Dataset extract:

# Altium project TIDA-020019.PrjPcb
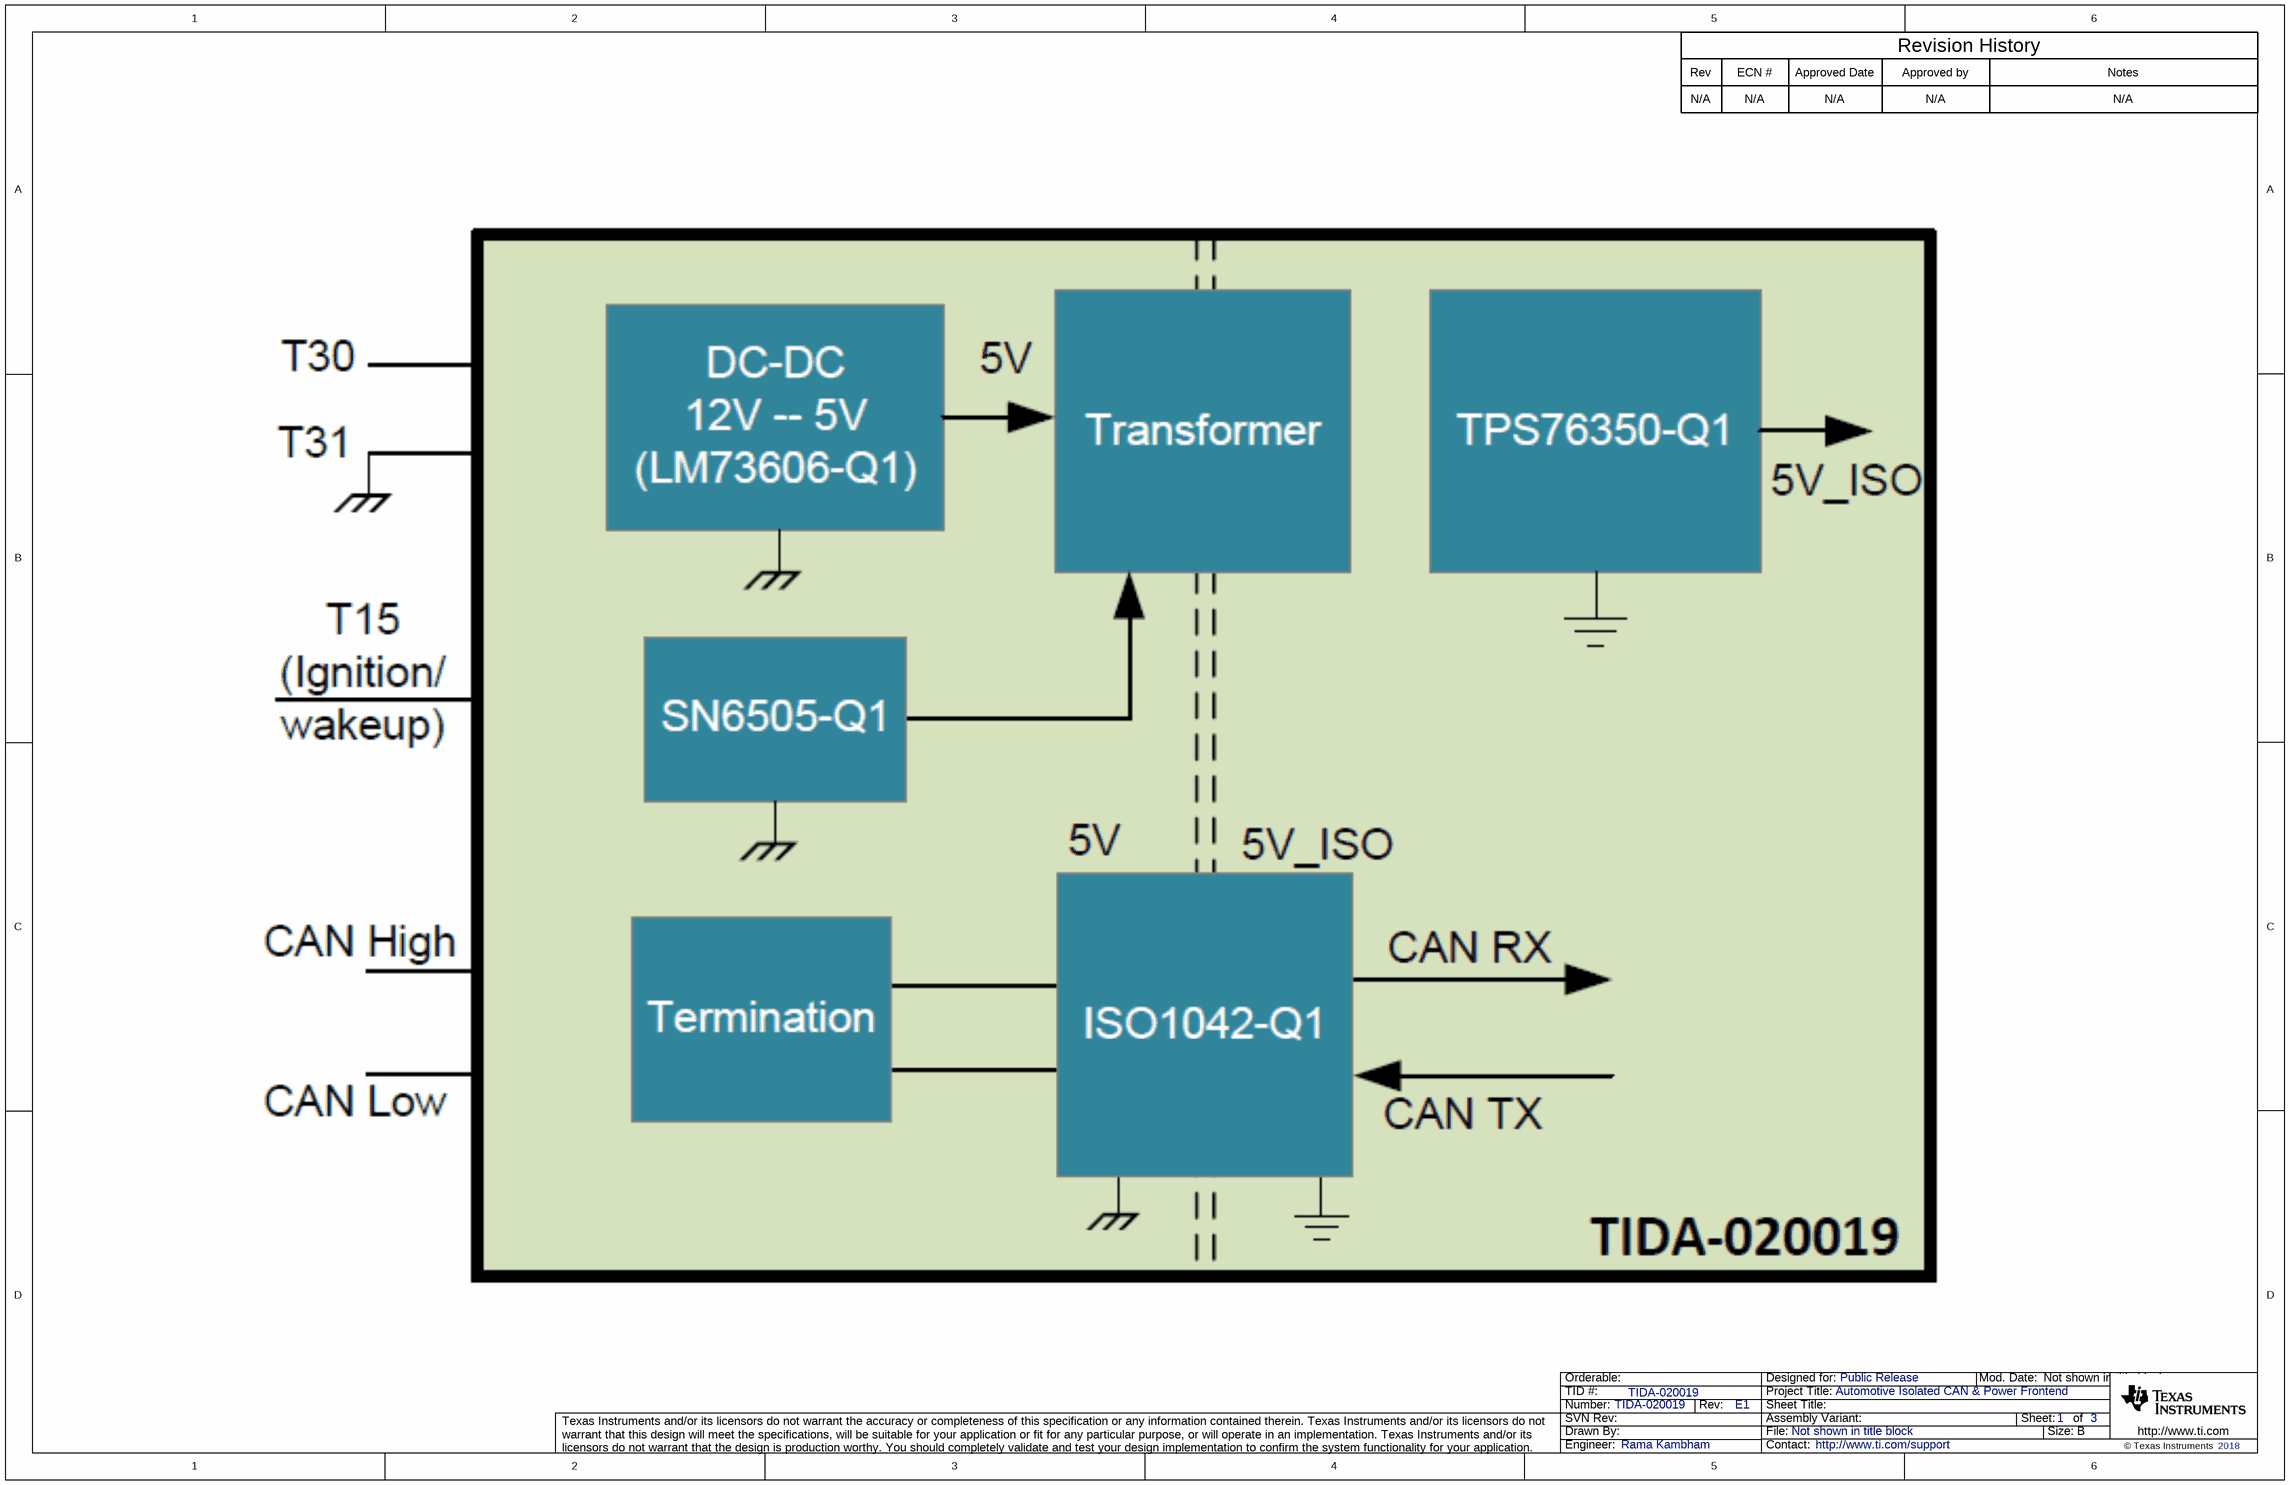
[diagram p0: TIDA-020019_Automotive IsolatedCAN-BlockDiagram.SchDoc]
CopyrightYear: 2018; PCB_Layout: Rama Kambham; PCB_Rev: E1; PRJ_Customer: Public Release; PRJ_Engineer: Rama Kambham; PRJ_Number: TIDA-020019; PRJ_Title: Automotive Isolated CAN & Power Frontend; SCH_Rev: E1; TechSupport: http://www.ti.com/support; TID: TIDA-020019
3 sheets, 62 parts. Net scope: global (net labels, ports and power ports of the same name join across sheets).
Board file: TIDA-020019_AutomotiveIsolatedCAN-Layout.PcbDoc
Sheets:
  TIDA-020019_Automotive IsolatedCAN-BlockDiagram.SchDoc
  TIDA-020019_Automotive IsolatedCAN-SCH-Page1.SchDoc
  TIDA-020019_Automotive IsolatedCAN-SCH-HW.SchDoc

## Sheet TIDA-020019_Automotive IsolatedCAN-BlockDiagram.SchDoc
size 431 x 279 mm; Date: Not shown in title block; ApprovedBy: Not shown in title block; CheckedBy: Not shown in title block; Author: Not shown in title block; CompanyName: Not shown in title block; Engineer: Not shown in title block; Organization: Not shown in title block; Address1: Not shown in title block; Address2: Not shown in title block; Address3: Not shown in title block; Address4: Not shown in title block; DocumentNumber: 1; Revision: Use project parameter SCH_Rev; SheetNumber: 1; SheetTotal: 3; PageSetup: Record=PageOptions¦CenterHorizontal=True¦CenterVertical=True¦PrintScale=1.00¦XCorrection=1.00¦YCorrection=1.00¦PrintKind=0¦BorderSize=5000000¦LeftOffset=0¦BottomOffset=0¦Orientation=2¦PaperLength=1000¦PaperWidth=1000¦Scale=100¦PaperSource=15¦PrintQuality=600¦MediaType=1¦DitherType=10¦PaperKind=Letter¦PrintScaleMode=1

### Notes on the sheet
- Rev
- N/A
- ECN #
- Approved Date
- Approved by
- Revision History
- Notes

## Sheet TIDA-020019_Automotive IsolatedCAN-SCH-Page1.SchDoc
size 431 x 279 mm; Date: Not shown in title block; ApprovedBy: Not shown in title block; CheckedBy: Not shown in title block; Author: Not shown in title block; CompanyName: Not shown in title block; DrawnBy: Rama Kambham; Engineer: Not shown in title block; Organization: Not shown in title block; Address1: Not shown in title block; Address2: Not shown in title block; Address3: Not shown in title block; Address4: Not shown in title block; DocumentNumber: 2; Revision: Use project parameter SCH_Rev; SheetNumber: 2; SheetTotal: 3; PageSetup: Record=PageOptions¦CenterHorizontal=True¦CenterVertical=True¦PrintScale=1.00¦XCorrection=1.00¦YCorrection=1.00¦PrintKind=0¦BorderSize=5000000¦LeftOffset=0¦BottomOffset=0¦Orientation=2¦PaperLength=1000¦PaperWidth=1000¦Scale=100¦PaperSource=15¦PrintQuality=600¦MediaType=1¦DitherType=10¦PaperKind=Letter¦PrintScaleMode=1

Exercise aim: The line containing "### Notes on the sheet" begins the span, and the last line of the records above ends it. Return that span exactly, and nothing outside it.

Result below:
### Notes on the sheet
- Rev
- N/A
- ECN #
- Approved Date
- Approved by
- Revision History
- Notes

## Sheet TIDA-020019_Automotive IsolatedCAN-SCH-Page1.SchDoc
size 431 x 279 mm; Date: Not shown in title block; ApprovedBy: Not shown in title block; CheckedBy: Not shown in title block; Author: Not shown in title block; CompanyName: Not shown in title block; DrawnBy: Rama Kambham; Engineer: Not shown in title block; Organization: Not shown in title block; Address1: Not shown in title block; Address2: Not shown in title block; Address3: Not shown in title block; Address4: Not shown in title block; DocumentNumber: 2; Revision: Use project parameter SCH_Rev; SheetNumber: 2; SheetTotal: 3; PageSetup: Record=PageOptions¦CenterHorizontal=True¦CenterVertical=True¦PrintScale=1.00¦XCorrection=1.00¦YCorrection=1.00¦PrintKind=0¦BorderSize=5000000¦LeftOffset=0¦BottomOffset=0¦Orientation=2¦PaperLength=1000¦PaperWidth=1000¦Scale=100¦PaperSource=15¦PrintQuality=600¦MediaType=1¦DitherType=10¦PaperKind=Letter¦PrintScaleMode=1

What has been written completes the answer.